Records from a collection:
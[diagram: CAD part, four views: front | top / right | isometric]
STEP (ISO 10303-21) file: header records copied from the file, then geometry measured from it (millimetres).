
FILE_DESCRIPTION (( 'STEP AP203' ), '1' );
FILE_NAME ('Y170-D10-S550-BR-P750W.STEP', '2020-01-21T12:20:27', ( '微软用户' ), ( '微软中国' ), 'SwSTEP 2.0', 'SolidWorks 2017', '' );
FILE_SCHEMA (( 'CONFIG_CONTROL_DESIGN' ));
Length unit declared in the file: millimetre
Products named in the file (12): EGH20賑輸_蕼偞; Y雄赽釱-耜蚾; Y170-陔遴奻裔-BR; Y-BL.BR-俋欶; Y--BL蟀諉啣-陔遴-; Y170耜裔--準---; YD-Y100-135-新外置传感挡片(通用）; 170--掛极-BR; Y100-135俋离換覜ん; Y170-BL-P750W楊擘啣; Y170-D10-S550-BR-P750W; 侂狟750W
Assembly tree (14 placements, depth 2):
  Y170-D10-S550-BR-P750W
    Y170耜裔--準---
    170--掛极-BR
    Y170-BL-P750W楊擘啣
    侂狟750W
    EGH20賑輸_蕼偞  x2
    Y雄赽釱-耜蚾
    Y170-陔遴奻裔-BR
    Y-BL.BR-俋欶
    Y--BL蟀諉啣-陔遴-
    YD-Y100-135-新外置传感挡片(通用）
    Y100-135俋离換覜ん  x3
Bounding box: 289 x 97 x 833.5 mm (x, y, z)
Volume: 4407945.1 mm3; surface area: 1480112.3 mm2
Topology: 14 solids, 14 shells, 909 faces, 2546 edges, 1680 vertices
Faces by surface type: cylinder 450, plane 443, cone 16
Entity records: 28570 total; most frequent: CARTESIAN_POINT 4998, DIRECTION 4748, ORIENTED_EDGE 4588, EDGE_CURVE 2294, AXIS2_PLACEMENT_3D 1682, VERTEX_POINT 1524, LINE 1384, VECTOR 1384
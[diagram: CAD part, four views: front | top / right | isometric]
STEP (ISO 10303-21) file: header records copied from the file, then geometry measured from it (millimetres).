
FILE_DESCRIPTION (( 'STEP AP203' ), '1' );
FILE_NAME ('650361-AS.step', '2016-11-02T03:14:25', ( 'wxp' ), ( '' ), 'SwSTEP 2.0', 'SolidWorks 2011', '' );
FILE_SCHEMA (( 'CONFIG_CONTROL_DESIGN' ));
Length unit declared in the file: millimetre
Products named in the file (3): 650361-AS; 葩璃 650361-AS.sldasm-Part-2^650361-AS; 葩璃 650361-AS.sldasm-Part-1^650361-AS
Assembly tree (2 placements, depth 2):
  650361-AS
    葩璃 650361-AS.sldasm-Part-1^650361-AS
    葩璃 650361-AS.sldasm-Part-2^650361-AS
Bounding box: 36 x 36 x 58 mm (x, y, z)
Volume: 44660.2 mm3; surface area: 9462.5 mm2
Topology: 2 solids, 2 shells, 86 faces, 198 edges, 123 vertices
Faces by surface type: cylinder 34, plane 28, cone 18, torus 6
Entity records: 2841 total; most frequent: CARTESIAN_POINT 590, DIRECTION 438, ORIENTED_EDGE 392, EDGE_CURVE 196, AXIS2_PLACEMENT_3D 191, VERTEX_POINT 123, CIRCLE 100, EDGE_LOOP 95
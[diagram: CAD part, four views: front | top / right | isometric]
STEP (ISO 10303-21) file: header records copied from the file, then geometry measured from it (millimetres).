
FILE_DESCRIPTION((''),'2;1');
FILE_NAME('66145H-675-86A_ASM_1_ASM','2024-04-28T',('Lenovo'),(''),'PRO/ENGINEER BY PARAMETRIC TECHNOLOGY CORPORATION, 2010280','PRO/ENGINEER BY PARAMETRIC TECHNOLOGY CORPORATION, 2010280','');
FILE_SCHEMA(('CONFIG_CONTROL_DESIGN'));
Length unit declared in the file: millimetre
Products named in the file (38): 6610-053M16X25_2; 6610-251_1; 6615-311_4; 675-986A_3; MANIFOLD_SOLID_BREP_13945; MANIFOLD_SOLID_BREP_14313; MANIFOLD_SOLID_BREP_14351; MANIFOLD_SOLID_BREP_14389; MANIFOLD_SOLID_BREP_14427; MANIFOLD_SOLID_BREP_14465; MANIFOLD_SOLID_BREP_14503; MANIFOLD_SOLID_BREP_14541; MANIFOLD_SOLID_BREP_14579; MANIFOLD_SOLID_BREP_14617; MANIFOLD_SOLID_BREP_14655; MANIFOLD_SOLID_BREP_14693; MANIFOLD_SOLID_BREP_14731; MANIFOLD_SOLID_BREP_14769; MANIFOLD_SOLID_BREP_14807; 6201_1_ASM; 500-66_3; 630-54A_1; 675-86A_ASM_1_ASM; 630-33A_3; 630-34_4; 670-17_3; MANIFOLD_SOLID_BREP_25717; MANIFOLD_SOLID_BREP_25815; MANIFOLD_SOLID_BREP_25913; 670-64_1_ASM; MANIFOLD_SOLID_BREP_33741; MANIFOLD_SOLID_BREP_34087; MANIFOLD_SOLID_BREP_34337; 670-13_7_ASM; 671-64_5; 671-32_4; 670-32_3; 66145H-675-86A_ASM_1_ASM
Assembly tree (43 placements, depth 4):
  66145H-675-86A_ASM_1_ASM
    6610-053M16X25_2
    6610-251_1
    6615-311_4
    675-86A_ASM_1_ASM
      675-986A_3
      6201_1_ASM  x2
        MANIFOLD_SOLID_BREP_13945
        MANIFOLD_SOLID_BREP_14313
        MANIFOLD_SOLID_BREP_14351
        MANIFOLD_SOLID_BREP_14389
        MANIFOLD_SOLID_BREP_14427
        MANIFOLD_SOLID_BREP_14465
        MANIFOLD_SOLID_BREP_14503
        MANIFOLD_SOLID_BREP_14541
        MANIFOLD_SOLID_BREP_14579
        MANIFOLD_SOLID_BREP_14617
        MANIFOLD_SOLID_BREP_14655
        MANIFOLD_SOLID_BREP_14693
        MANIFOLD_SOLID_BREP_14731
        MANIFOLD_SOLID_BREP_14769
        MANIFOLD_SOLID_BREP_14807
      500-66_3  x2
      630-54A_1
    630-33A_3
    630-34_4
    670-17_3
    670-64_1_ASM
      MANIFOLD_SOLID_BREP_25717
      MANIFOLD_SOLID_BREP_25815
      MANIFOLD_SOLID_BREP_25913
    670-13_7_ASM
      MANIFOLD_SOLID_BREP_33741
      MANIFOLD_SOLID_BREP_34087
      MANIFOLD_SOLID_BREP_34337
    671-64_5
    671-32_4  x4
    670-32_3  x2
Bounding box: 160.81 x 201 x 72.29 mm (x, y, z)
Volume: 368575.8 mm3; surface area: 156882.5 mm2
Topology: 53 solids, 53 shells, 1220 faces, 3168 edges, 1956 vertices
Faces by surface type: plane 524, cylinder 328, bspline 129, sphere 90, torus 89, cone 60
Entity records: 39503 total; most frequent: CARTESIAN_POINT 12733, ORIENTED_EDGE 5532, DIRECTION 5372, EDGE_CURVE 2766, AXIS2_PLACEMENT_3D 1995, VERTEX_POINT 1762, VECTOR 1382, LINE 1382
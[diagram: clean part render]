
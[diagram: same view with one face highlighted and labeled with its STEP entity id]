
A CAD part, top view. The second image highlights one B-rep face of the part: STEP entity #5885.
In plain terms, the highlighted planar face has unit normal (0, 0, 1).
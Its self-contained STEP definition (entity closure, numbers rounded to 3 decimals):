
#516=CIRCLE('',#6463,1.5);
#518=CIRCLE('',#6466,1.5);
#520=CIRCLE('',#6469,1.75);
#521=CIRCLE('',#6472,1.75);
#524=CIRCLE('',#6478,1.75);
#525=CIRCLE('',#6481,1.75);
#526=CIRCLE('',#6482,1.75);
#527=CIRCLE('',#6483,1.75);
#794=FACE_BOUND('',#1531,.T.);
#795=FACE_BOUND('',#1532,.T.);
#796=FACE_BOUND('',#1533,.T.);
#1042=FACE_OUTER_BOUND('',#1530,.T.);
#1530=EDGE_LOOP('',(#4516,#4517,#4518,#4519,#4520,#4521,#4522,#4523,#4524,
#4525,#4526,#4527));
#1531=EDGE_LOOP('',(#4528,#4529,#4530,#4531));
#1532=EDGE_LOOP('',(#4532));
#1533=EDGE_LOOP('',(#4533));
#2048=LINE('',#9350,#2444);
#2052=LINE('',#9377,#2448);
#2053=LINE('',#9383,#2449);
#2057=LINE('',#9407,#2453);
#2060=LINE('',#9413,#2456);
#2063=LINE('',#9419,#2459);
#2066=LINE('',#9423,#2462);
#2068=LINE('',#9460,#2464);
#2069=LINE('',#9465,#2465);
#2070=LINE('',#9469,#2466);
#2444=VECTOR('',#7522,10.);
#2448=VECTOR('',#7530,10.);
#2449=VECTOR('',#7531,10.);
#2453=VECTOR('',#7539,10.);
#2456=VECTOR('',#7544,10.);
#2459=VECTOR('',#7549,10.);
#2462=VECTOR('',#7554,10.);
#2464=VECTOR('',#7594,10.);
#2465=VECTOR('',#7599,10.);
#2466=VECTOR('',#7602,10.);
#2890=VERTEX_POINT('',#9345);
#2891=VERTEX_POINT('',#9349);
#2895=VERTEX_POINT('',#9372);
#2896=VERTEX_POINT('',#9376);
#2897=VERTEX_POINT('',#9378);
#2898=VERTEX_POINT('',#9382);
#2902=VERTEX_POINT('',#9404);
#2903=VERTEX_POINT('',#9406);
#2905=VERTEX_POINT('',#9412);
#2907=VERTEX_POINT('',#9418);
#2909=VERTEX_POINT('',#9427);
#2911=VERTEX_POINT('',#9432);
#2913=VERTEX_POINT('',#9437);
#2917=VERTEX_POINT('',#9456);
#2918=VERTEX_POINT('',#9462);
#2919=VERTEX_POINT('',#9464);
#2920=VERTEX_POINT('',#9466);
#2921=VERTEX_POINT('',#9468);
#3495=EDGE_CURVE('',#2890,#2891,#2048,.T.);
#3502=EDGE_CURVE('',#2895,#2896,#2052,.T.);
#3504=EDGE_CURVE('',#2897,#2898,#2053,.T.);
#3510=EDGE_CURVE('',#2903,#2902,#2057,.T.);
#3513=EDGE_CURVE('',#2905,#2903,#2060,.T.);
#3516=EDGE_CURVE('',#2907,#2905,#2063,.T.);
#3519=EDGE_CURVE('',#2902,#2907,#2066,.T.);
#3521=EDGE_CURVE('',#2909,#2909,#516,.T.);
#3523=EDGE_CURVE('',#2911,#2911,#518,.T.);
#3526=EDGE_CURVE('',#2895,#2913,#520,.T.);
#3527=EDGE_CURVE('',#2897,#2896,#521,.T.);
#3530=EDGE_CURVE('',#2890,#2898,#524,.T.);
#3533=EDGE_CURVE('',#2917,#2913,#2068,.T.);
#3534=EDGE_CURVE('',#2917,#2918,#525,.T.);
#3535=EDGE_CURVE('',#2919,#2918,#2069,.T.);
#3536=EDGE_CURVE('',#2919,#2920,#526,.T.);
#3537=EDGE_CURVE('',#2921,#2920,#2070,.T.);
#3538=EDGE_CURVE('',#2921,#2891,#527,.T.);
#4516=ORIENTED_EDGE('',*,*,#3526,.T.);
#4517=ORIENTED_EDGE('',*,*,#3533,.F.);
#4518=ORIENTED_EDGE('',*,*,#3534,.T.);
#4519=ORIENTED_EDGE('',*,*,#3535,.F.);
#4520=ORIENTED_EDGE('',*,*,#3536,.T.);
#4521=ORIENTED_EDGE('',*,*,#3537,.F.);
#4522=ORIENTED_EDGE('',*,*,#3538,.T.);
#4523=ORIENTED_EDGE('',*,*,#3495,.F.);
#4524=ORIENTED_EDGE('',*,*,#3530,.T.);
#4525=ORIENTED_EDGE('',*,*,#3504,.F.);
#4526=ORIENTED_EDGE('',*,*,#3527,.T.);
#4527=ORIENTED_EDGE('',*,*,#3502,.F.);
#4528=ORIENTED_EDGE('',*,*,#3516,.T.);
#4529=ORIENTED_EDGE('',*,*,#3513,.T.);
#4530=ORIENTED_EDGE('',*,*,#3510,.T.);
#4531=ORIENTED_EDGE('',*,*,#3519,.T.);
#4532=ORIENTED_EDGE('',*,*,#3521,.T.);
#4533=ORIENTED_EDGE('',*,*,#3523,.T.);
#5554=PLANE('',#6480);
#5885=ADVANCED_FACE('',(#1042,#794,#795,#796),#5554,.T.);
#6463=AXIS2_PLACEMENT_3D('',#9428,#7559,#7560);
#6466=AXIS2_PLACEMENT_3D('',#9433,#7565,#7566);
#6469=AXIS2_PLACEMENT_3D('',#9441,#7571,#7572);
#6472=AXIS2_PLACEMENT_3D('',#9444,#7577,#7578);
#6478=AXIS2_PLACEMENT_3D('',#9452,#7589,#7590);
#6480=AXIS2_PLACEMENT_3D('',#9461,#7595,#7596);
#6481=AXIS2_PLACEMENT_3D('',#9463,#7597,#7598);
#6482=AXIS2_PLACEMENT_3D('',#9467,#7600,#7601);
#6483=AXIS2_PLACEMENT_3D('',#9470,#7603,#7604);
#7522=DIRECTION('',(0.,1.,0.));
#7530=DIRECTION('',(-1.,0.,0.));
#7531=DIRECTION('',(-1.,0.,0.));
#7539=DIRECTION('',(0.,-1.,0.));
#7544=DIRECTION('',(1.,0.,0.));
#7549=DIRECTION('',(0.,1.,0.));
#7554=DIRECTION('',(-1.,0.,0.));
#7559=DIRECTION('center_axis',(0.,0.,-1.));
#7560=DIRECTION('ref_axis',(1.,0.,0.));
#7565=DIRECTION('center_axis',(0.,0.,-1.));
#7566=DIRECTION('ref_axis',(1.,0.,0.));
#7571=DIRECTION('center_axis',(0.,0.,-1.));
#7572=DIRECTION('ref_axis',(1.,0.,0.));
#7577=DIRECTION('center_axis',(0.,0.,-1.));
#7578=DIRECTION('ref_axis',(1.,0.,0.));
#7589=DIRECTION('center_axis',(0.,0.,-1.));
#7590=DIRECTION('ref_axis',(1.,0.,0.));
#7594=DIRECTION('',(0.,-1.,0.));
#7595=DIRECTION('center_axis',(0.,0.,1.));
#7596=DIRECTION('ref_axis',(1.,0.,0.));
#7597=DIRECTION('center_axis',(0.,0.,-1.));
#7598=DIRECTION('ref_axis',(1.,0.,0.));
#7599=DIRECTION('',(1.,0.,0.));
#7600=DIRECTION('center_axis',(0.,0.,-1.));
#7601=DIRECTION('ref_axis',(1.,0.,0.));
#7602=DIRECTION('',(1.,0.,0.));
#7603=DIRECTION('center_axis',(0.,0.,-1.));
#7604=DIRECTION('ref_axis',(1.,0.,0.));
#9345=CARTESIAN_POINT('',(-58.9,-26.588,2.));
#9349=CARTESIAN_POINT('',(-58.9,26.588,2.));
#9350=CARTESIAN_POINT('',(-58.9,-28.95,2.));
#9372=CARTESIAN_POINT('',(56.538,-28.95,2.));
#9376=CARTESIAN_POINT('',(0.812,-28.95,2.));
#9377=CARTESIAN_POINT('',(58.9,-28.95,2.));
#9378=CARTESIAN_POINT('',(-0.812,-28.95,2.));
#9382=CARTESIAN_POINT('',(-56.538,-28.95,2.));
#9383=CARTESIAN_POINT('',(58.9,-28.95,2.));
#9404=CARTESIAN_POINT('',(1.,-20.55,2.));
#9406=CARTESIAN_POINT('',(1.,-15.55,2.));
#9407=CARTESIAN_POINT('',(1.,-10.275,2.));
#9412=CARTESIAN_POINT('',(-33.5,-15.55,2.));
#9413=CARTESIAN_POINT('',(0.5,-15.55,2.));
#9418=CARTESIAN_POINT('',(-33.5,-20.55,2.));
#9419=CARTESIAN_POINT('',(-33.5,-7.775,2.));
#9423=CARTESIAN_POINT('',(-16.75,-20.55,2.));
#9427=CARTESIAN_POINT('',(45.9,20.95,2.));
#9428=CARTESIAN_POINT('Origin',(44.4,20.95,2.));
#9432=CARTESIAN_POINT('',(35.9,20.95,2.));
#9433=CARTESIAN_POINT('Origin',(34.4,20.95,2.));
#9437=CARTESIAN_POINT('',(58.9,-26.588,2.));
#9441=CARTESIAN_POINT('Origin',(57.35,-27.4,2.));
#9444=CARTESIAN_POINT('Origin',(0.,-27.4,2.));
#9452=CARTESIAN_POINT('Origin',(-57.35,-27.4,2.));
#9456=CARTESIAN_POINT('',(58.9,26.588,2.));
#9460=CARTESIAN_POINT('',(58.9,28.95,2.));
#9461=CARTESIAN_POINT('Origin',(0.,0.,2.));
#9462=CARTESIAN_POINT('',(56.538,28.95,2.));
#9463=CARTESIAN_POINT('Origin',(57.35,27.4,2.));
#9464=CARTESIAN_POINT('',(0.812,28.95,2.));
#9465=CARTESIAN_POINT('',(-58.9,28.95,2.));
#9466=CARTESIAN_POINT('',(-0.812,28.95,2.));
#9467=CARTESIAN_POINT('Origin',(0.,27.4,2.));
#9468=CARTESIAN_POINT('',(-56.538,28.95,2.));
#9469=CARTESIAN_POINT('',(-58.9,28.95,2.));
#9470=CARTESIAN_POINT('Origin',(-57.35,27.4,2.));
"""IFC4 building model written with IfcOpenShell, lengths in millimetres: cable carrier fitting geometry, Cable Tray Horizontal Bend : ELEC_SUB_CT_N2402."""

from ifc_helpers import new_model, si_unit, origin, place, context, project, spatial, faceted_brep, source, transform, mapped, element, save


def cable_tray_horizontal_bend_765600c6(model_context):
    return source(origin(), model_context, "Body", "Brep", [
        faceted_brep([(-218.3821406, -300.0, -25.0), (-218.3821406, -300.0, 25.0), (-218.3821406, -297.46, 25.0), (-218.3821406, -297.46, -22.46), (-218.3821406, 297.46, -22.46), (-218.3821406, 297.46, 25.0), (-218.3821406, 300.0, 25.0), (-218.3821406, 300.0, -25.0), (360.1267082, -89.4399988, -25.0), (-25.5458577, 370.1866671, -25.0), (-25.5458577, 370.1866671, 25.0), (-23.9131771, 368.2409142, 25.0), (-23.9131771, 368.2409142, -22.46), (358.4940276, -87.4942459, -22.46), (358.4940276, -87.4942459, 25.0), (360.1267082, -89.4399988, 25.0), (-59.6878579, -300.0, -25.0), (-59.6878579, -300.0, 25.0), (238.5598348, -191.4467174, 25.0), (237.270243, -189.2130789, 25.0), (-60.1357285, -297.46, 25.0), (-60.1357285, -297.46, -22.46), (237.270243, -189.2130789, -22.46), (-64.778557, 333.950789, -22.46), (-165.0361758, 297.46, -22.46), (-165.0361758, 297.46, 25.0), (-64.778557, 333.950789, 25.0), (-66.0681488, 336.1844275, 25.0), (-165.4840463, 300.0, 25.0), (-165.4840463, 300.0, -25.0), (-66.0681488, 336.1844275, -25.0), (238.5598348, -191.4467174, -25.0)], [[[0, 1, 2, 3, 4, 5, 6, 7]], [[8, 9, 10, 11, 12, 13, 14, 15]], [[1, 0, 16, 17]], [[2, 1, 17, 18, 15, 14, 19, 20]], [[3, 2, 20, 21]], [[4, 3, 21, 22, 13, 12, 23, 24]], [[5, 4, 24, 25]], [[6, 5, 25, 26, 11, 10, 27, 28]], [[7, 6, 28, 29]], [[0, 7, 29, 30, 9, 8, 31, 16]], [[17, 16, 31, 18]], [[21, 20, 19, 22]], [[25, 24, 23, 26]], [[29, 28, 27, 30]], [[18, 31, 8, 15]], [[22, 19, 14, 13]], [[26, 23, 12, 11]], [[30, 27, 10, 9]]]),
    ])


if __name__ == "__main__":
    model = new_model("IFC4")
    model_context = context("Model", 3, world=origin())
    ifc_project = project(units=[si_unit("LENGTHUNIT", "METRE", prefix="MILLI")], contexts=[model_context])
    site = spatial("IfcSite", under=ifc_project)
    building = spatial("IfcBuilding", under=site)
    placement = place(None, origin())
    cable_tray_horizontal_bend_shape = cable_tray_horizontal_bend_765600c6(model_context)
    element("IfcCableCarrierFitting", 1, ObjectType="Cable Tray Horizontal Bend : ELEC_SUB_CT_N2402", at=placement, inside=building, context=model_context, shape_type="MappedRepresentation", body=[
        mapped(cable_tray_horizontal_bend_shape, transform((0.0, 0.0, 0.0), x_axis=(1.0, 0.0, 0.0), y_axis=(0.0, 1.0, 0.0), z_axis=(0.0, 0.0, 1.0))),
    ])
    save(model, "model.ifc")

## Work to complete
In the records above, find the line with "#2448=VECTOR('',#7530,10.);"; write out exactly that line and each one after it, stopping after the line with "#2898=VERTEX_POINT('',#9382);".

## Task output
#2448=VECTOR('',#7530,10.);
#2449=VECTOR('',#7531,10.);
#2453=VECTOR('',#7539,10.);
#2456=VECTOR('',#7544,10.);
#2459=VECTOR('',#7549,10.);
#2462=VECTOR('',#7554,10.);
#2464=VECTOR('',#7594,10.);
#2465=VECTOR('',#7599,10.);
#2466=VECTOR('',#7602,10.);
#2890=VERTEX_POINT('',#9345);
#2891=VERTEX_POINT('',#9349);
#2895=VERTEX_POINT('',#9372);
#2896=VERTEX_POINT('',#9376);
#2897=VERTEX_POINT('',#9378);
#2898=VERTEX_POINT('',#9382);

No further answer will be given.